私は邦人作品もたくさんやるのですが、古今東西の名曲からレアなものまでです。9月には矢代秋雄さんの交響曲をやりましたが、満席でした。(下野は面白い曲をやると)認知していただけたようです。定期でもシェーンベルクやベルク、ウェーベルンといった新ウィーン楽派、細川俊夫さん、現代に生きる日本の作曲家などを入れたりしています。奇抜な曲ばかりではなく、もちろん古典もやります。現代曲をやると、古典演奏にも刺激を与えられるのです。特に細川さんは広島出身ですし、コンポーザーインレジデンスに就任していただきました。年に3,4回は細川作品を演奏しますが、團伊玖磨、芥川也寸志、黛敏郎の「3人の会」もいろいろ演奏したい。
広響の理念としてやはり原爆からの復興としての「HIROSHIMA」の精神は誰もが持っている。ミュージックフォーピースですね。これは広響が存在する限り続くでしょう。広島というなめは世界で知られているので、欧米の指揮者などは広島にオーケストラがあることに驚きます。広島という名前自体にすでに意味があるのです。今年はポーランドの桶と合同演奏をしましたし、アルゲリッチとも「平和の音楽」で共演しました。毎日が平和になっているということこそ、原爆の惨禍からの復興になります。これはすごく大きなことです。
広響は広島唯一のオケということで、街のオーケストラでもあります。特にクラシック音楽は東京に一極集中する傾向にあります。東京のオケにはない個性が必要です。私としては地元らしくサンフレッチェ広島やカープとの交流もやりたいですし、大阪や名古屋など他の都市のオケもそうですが、何をしたいのか、何を訴えたいのかメッセージを出していきたい。個人的には広響でアジアを回ってみたい思いはあります。

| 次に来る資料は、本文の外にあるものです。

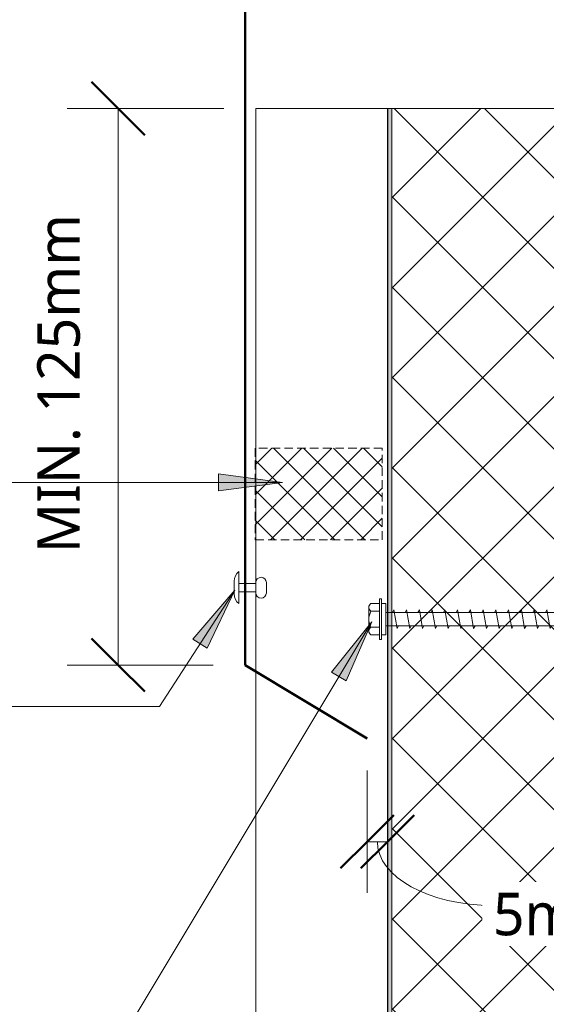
# Model space of a CAD drawing. Header units: millimetres. Extents: x -420 to 976, y -38 to 646.
# Tile 3 of 6: x -215 to -91, y 196 to 428. Entities that reach past the tile are written whole.
import ezdxf

# ---------------------------------------------------------------- set-up
doc = ezdxf.new("R2010")
doc.units = ezdxf.units.MM
doc.linetypes.add('Dash Short', pattern=[3, 2, -1])
for name, color, linetype, lineweight in [('A-ANNO-DIMS', 211, 'Continuous', 9), ('A-ANNO-DIMS-5', 211, 'Continuous', 9), ('A-DETL', 90, 'Continuous', 13), ('A-DETL-GENF', 92, 'Continuous', 13), ('G-ANNO-TEXT', 231, 'Continuous', 9)]:
    doc.layers.add(name, color=color, linetype=linetype, lineweight=lineweight)
doc.styles.add('Yu Gothic_1', font='Yu Gothic.ttf', dxfattribs={"height": 10})
doc.dimstyles.new('Diagonal', dxfattribs={"dimscale": 304.8, "dimtxt": 11.609035, "dimasz": 0.04101, "dimexe": 0.03937, "dimexo": 0.024606, "dimgap": 0.024606, "dimtad": 1, "dimdec": 0, "dimzin": 0, "dimdsep": 46, "dimtxsty": 'Yu Gothic_1', "dimblk1": 'OBLIQUE', "dimblk2": 'OBLIQUE', "dimsah": 1, "dimcen": 0.09, "dimazin": 0, "dimtfac": 1, "dimtdec": 4, "dimtix": 1, "dimtmove": 0, "dimatfit": 3, "dimfxl": 1, "dimtvp": 1, "dimtfill": 1, "dimtolj": 1, "dimtzin": 0, "dimarcsym": 2})
doc.dimstyles.new('Diagonal_1', dxfattribs={"dimscale": 304.8, "dimtxt": 11.609035, "dimasz": 0.04101, "dimexe": 0.03937, "dimexo": 0.024606, "dimgap": 0.024606, "dimtad": 1, "dimdec": 0, "dimzin": 0, "dimdsep": 46, "dimtxsty": 'Yu Gothic_1', "dimblk1": 'OBLIQUE', "dimblk2": 'OBLIQUE', "dimsah": 1, "dimcen": 0.09, "dimazin": 0, "dimtfac": 1, "dimtdec": 4, "dimtix": 1, "dimtmove": 1, "dimatfit": 3, "dimfxl": 1, "dimtvp": 1, "dimtfill": 1, "dimtolj": 1, "dimtzin": 0, "dimarcsym": 2})

# ---------------------------------------------------------------- blocks, each defined once
blk = doc.blocks.new('Thermospan Insulated Panel3 - 100mm-4139798-06  BARGE CAPPING DETAIL2')
at = {"layer": 'A-DETL-GENF'}
blk.add_hatch(color=256, dxfattribs=at).paths.add_polyline_path([(294.67, -31), (294.67, -32), (740, -32), (740, -31)])
h = blk.add_hatch(dxfattribs=at)
h.set_pattern_fill('FP_2', color=256, style=0, pattern_type=2)
h.set_pattern_definition([(315, (333.072, -159.263), (10.6066, 10.6066), []), (45, (333.072, -159.263), (-10.6066, 10.6066), [])])
h.paths.add_polyline_path([(294.67, -32), (294.67, -131), (740, -131), (740, -32)])
for p, q in [((294.67, 0), (638.65, 0)), ((638.65, 0), (660.18, 0)), ((660.18, 0), (740, 0)), ((740, 0), (740, -132)), ((740, -32), (294.67, -32))]:
    blk.add_line(p, q, dxfattribs=at)
at = {"layer": 'A-DETL-GENF', "lineweight": 25}
blk.add_line((740, -31), (294.67, -31), dxfattribs=at)
blk = doc.blocks.new('TEK Screw WITH WASHER - TEK Screw WITH WASHER-4777976-06  BARGE CAPPING DETAIL2')
at = {"layer": 'A-DETL-GENF'}
for p, q in [((-3.67, 1.5), (-3.67, 3.47)), ((-2.76, 3.97), (2.76, 3.97)), ((-1.85, 1.5), (-1.85, 3.47)), ((1.85, 1.5), (1.85, 3.47)), ((3.67, 1.5), (3.67, 3.47)), ((4.79, 1.5), (-4.79, 1.5)), ((-4.79, 1.5), (-4.79, 1)), ((4.79, 1), (-4.79, 1)), ((-3.67, 1), (-3.67, 0)), ((-3.67, 0), (3.67, 0)), ((-1.6, 0), (-1.6, -127.11)), ((1.6, -127.11), (1.6, 0)), ((3.67, 0), (3.67, 1)), ((4.79, 1), (4.79, 1.5)), ((2.17, -1.91), (-2.17, -2.67)), ((1.6, -1.58), (2.17, -1.91)), ((-2.17, -2.67), (-1.6, -3)), ((1.6, -4.58), (2.17, -4.91)), ((2.17, -4.91), (-2.17, -5.67)), ((-2.17, -5.67), (-1.6, -6)), ((2.17, -7.91), (-2.17, -8.67)), ((-2.17, -8.67), (-1.6, -9)), ((1.6, -7.58), (2.17, -7.91)), ((2.17, -10.91), (-2.17, -11.67)), ((1.6, -10.58), (2.17, -10.91)), ((-2.17, -11.67), (-1.6, -12)), ((1.6, -13.58), (2.17, -13.91)), ((2.17, -13.91), (-2.17, -14.67)), ((-2.17, -14.67), (-1.6, -15)), ((2.17, -16.91), (-2.17, -17.67)), ((-2.17, -17.67), (-1.6, -18)), ((1.6, -16.58), (2.17, -16.91)), ((2.17, -19.91), (-2.17, -20.67)), ((-2.17, -20.67), (-1.6, -21)), ((1.6, -19.58), (2.17, -19.91)), ((2.17, -22.91), (-2.17, -23.67)), ((1.6, -22.58), (2.17, -22.91)), ((-2.17, -23.67), (-1.6, -24)), ((2.17, -25.91), (-2.17, -26.67)), ((-2.17, -26.67), (-1.6, -27)), ((1.6, -25.58), (2.17, -25.91)), ((2.17, -28.91), (-2.17, -29.67)), ((-2.17, -29.67), (-1.6, -30)), ((1.6, -28.58), (2.17, -28.91)), ((2.17, -31.91), (-2.17, -32.67)), ((1.6, -31.58), (2.17, -31.91)), ((-2.17, -32.67), (-1.6, -33)), ((1.6, -34.58), (2.17, -34.91)), ((2.17, -34.91), (-2.17, -35.67)), ((-2.17, -35.67), (-1.6, -36)), ((2.17, -37.91), (-2.17, -38.67)), ((-2.17, -38.67), (-1.6, -39)), ((1.6, -37.58), (2.17, -37.91)), ((2.17, -40.91), (-2.17, -41.67)), ((1.6, -40.58), (2.17, -40.91)), ((-2.17, -41.67), (-1.6, -42)), ((2.17, -43.91), (-2.17, -44.67)), ((1.6, -43.58), (2.17, -43.91)), ((-2.17, -44.67), (-1.6, -45)), ((2.17, -46.91), (-2.17, -47.67)), ((-2.17, -47.67), (-1.6, -48)), ((1.6, -46.58), (2.17, -46.91)), ((2.17, -49.91), (-2.17, -50.67)), ((-2.17, -50.67), (-1.6, -51)), ((1.6, -49.58), (2.17, -49.91)), ((2.17, -52.91), (-2.17, -53.67)), ((1.6, -52.58), (2.17, -52.91)), ((-2.17, -53.67), (-1.6, -54)), ((2.17, -55.91), (-2.17, -56.67)), ((-2.17, -56.67), (-1.6, -57)), ((1.6, -55.58), (2.17, -55.91)), ((2.17, -58.91), (-2.17, -59.67)), ((-2.17, -59.67), (-1.6, -60)), ((1.6, -58.58), (2.17, -58.91)), ((2.17, -61.91), (-2.17, -62.67)), ((1.6, -61.58), (2.17, -61.91)), ((-2.17, -62.67), (-1.6, -63)), ((1.6, -64.58), (2.17, -64.91)), ((2.17, -64.91), (-2.17, -65.67)), ((-2.17, -65.67), (-1.6, -66)), ((2.17, -67.91), (-2.17, -68.67)), ((-2.17, -68.67), (-1.6, -69)), ((1.6, -67.58), (2.17, -67.91)), ((2.17, -70.91), (-2.17, -71.67)), ((-2.17, -71.67), (-1.6, -72)), ((1.6, -70.58), (2.17, -70.91)), ((2.17, -73.91), (-2.17, -74.67)), ((1.6, -73.58), (2.17, -73.91)), ((-2.17, -74.67), (-1.6, -75)), ((2.17, -76.91), (-2.17, -77.67)), ((-2.17, -77.67), (-1.6, -78)), ((1.6, -76.58), (2.17, -76.91)), ((2.17, -79.91), (-2.17, -80.67)), ((-2.17, -80.67), (-1.6, -81)), ((1.6, -79.58), (2.17, -79.91)), ((2.17, -82.91), (-2.17, -83.67)), ((1.6, -82.58), (2.17, -82.91)), ((-2.17, -83.67), (-1.6, -84)), ((1.6, -85.58), (2.17, -85.91)), ((2.17, -85.91), (-2.17, -86.67)), ((-2.17, -86.67), (-1.6, -87)), ((2.17, -88.91), (-2.17, -89.67)), ((-2.17, -89.67), (-1.6, -90)), ((1.6, -88.58), (2.17, -88.91)), ((2.17, -91.91), (-2.17, -92.67)), ((1.6, -91.58), (2.17, -91.91)), ((-2.17, -92.67), (-1.6, -93)), ((1.6, -94.58), (2.17, -94.91)), ((2.17, -94.91), (-2.17, -95.67)), ((-2.17, -95.67), (-1.6, -96)), ((2.17, -97.91), (-2.17, -98.67)), ((-2.17, -98.67), (-1.6, -99)), ((1.6, -97.58), (2.17, -97.91)), ((2.17, -100.91), (-2.17, -101.67)), ((-2.17, -101.67), (-1.6, -102)), ((1.6, -100.58), (2.17, -100.91)), ((2.17, -103.91), (-2.17, -104.67)), ((1.6, -103.58), (2.17, -103.91)), ((-2.17, -104.67), (-1.6, -105)), ((2.17, -106.91), (-2.17, -107.67)), ((-2.17, -107.67), (-1.6, -108)), ((1.6, -106.58), (2.17, -106.91)), ((2.17, -109.91), (-2.17, -110.67)), ((-2.17, -110.67), (-1.6, -111)), ((1.6, -109.58), (2.17, -109.91)), ((2.17, -112.91), (-2.17, -113.67)), ((1.6, -112.58), (2.17, -112.91)), ((-2.17, -113.67), (-1.6, -114)), ((1.6, -115.58), (2.17, -115.91)), ((2.17, -115.91), (-2.17, -116.67)), ((-2.17, -116.67), (-1.6, -117)), ((2.17, -118.91), (-2.17, -119.67)), ((-2.17, -119.67), (-1.6, -120)), ((1.6, -118.58), (2.17, -118.91)), ((2.17, -121.91), (-2.17, -122.67)), ((1.6, -121.58), (2.17, -121.91)), ((-2.17, -122.67), (-1.6, -123)), ((2.17, -124.91), (-2.17, -125.67)), ((1.6, -124.58), (2.17, -124.91)), ((-2.17, -125.67), (-1.6, -126)), ((-1.28, -127.43), (-1.6, -127.11)), ((1.28, -127.43), (1.6, -127.11)), ((-1.28, -130.65), (-1.28, -127.43)), ((-1.28, -130.65), (-0.56, -127.77)), ((0, -132.17), (1.28, -127.43)), ((1.28, -130.65), (1.28, -127.43)), ((-1.28, -130.65), (0, -132.17)), ((1.28, -130.65), (0, -132.17))]:
    blk.add_line(p, q, dxfattribs=at)
for centre, radius, start, end in [((-2.76, 2.9), 1.08, 32.3801, 147.6199), ((0, 0.31), 3.67, 59.7274, 120.2726), ((2.76, 2.9), 1.08, 32.3801, 147.6199), ((0.49, -128.31), 1.18, 48.2394, 152.9362)]:
    blk.add_arc(centre, radius, start, end, dxfattribs=at)
blk = doc.blocks.new('Foam Closure - Foam Closure-4430115-06  BARGE CAPPING DETAIL2')
at = {"layer": 'A-DETL-GENF'}
h = blk.add_hatch(dxfattribs=at)
h.set_pattern_fill('FP_3', color=256, style=0, pattern_type=2)
h.set_pattern_definition([(45, (159.372, -305.575), (-3.535534, 3.535534), []), (135, (159.372, -305.575), (-3.535534, -3.535534), [])])
h.paths.add_polyline_path([(29.86, 0), (29.86, 21.53), (0, 21.53), (0, 0)])
at = {"layer": 'A-DETL-GENF', "linetype": 'Dash Short'}
for p, q in [((29.86, 21.53), (0, 21.53)), ((0, 21.53), (0, 0)), ((29.86, 0), (29.86, 21.53)), ((0, 0), (29.86, 0))]:
    blk.add_line(p, q, dxfattribs=at)
blk = doc.blocks.new('Pop Rivets - Rivet-4726164-06  BARGE CAPPING DETAIL2')
at = {"layer": 'A-DETL-GENF'}
for p, q in [((3.77, 0), (-3.77, 0)), ((-1.5, 1.16), (1.5, 1.16)), ((-1, -3.95), (-1, 0)), ((1, -3.95), (1, 0)), ((1.17, -3.95), (-1.24, -3.95)), ((-1.24, -6.45), (1.17, -6.45))]:
    blk.add_line(p, q, dxfattribs=at)
for centre, radius, start, end in [((-1.5, -1.65), 2.8, 90, 144), ((1.5, -1.65), 2.8, 36, 90), ((-1.24, -5.2), 1.25, 90, 270), ((1.17, -5.2), 1.25, 270, 90)]:
    blk.add_arc(centre, radius, start, end, dxfattribs=at)
blk = doc.blocks.new('DIMBLOCK1-06  BARGE CAPPING DETAIL2')
at = {"layer": 'A-ANNO-DIMS-5', "lineweight": 50}
for p, q in [((-191.63, 406.93), (-197.88, 413.18)), ((-191.63, 406.93), (-185.38, 400.68)), ((-191.63, 276.11), (-197.88, 282.36)), ((-191.63, 276.11), (-185.38, 269.86))]:
    blk.add_line(p, q, dxfattribs=at)
at = {"layer": 'A-ANNO-DIMS-5'}
for p, q in [((-191.63, 406.93), (-203.63, 406.93)), ((-191.63, 406.93), (-191.63, 276.11)), ((-191.63, 406.93), (-166.76, 406.93)), ((-191.63, 276.11), (-203.63, 276.11)), ((-191.63, 276.11), (-169.26, 276.11))]:
    blk.add_line(p, q, dxfattribs=at)
at = {"layer": 'A-ANNO-DIMS-5', "color": 0, "insert": (-210.66, 302.42), "char_height": 10, "width": 93.8283, "attachment_point": 1, "rotation": 90, "line_spacing_factor": 1.024327, "style": 'Yu Gothic_1', "bg_fill": 3, "box_fill_scale": 1.25, "bg_fill_color": 9, "bg_fill_true_color": 13158600, "bg_fill_transparency": 0}
blk.add_mtext('MIN. 125mm\\fYu Gothic|b0|i0|c178|p34|;\u200d', dxfattribs=at)
blk = doc.blocks.new('_Oblique')
at = {"color": 0, "linetype": 'ByBlock', "lineweight": -2}
blk.add_line((-0.5, -0.5), (0.5, 0.5), dxfattribs=at)
blk = doc.blocks.new('DIMBLOCK2-06  BARGE CAPPING DETAIL2')
at = {"layer": 'A-ANNO-DIMS-5'}
for p, q in [((-133.04, 234.58), (-133.04, 251.35)), ((-133.04, 234.58), (-128.26, 234.58)), ((-133.04, 234.58), (-133.04, 222.58)), ((-128.26, 234.58), (-128.26, 235.92)), ((-128.26, 234.58), (-128.26, 222.58))]:
    blk.add_line(p, q, dxfattribs=at)
at = {"layer": 'A-ANNO-DIMS-5', "lineweight": 50}
for p, q in [((-133.04, 234.58), (-126.79, 240.83)), ((-128.26, 234.58), (-122.01, 240.83)), ((-133.04, 234.58), (-139.29, 228.33)), ((-128.26, 234.58), (-134.51, 228.33))]:
    blk.add_line(p, q, dxfattribs=at)
at = {"layer": 'A-ANNO-DIMS-5'}
blk.add_ellipse((-103.48, 234.58), major_axis=(27.17, 0), ratio=0.551744, start_param=3.141593, end_param=4.712389, dxfattribs=at)
at = {"layer": 'A-ANNO-DIMS-5', "color": 0, "insert": (-103.48, 222.59), "char_height": 10, "width": 78.0537, "attachment_point": 1, "line_spacing_factor": 1.024327, "style": 'Yu Gothic_1', "bg_fill": 3, "box_fill_scale": 1.25, "bg_fill_color": 9, "bg_fill_true_color": 13158600, "bg_fill_transparency": 0}
blk.add_mtext('5mm  GAP', dxfattribs=at)

msp = doc.modelspace()

# ---------------------------------------------------------------- hatches: boundary and pattern name
at = {"layer": 'G-ANNO-TEXT'}
msp.add_hatch(color=7, dxfattribs=at).paths.add_polyline_path([(-131.99, 286.28), (-141.41, 274.44), (-138.02, 272.41)])

# ---------------------------------------------------------------- linework, layer by layer
at = {"layer": 'A-DETL', "lineweight": 50}
for p, q in [((-161.76, 542.61), (-161.76, 276.11)), ((-161.76, 276.11), (-133.04, 258.85))]:
    msp.add_line(p, q, dxfattribs=at)
at = {"layer": 'G-ANNO-TEXT', "color": 7}
for p, q in [((-131.99, 286.28), (-141.41, 274.44)), ((-138.02, 272.41), (-131.99, 286.28)), ((-141.41, 274.44), (-138.02, 272.41)), ((-181.93, 266.36), (-240.86, 266.36))]:
    msp.add_line(p, q, dxfattribs=at)

# ---------------------------------------------------------------- block references
at = {"layer": 'A-DETL-GENF'}
for name, p, rotation in [('Thermospan Insulated Panel3 - 100mm-4139798-06  BARGE CAPPING DETAIL2', (-159.26, -333.07), 89.99999999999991), ('Pop Rivets - Rivet-4726164-06  BARGE CAPPING DETAIL2', (-163.21, 294.32), 89.99999999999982), ('TEK Screw WITH WASHER - TEK Screw WITH WASHER-4777976-06  BARGE CAPPING DETAIL2', (-128.69, 286.9), 89.99999999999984)]:
    msp.add_blockref(name, p, dxfattribs=dict(at, rotation=rotation))
at = {"layer": 'A-DETL-GENF', "linetype": 'Dash Short'}
msp.add_blockref('Foam Closure - Foam Closure-4430115-06  BARGE CAPPING DETAIL2', (-159.37, 305.57), dxfattribs=at)

# ---------------------------------------------------------------- next in the draw order: dimensions: what is measured, and where the dimension line sits
at = {"layer": 'A-ANNO-DIMS'}
dim = msp.add_linear_dim(base=(-191.63, 276.11), p1=(-159.26, 406.93), p2=(-161.76, 276.11), angle=90, text='MIN. 125mm\u200d', dimstyle='Diagonal', override={"dimpost": '<>', "dimfxl": 130.840423}, dxfattribs=at)
dim.commit()
dim.dimension.update_dxf_attribs({"geometry": 'DIMBLOCK1-06  BARGE CAPPING DETAIL2', "text_midpoint": (-205.06, 341.52)})
dim = msp.add_linear_dim(base=(-128.26, 234.58), p1=(-133.04, 258.85), p2=(-128.26, 243.42), text='5mm  GAP', dimstyle='Diagonal_1', override={"dimpost": '<>', "dimfxl": 16.157844}, dxfattribs=at)
dim.commit()
dim.dimension.update_dxf_attribs({"geometry": 'DIMBLOCK2-06  BARGE CAPPING DETAIL2', "text_midpoint": (-64.46, 215.92), "dimtype": 160})

# ---------------------------------------------------------------- next in the draw order: hatches: boundary and pattern name
at = {"layer": 'G-ANNO-TEXT'}
for points in [[(-152.99, 319.06), (-167.99, 321.03), (-167.99, 317.08)], [(-164.22, 293.72), (-174.03, 282.2), (-170.71, 280.05)]]:
    msp.add_hatch(color=7, dxfattribs=at).paths.add_polyline_path(points)

# ---------------------------------------------------------------- next in the draw order: linework, layer by layer
at = {"layer": 'G-ANNO-TEXT', "color": 7}
for p, q in [((-152.99, 319.06), (-167.99, 321.03)), ((-167.99, 321.03), (-167.99, 317.08)), ((-152.99, 319.06), (-286.1, 319.06)), ((-167.99, 317.08), (-152.99, 319.06)), ((-164.22, 293.72), (-181.93, 266.36)), ((-164.22, 293.72), (-174.03, 282.2)), ((-170.71, 280.05), (-164.22, 293.72)), ((-131.99, 286.28), (-208.89, 158.24)), ((-174.03, 282.2), (-170.71, 280.05))]:
    msp.add_line(p, q, dxfattribs=at)

doc.saveas('drawing.dxf')

始めにお話しした京響も日本文化の中心である京都にあることが大きいです。古都と言われますが、京都は時代の最先端の土地でもあります。寺社仏閣だけでなく美術系の学校や音大もあるし、オケは市が持っているのです。市に先見の明があるということです。だからシュトックハウゼンの「グルッペン」など新しい音楽を演奏もできる土地です。外国人観光客が多いので、日本のオケを聴いてもらえるチャンスも多くアピールポイントになります。これが街のオーケストラの個性につながると思います。便宜上地方オケといいますが、ドイツでは地方オケという概念がありません。東京とそれ以外ではなく、各地オケがあることで街自体を誇りに感じるようになってほしいです。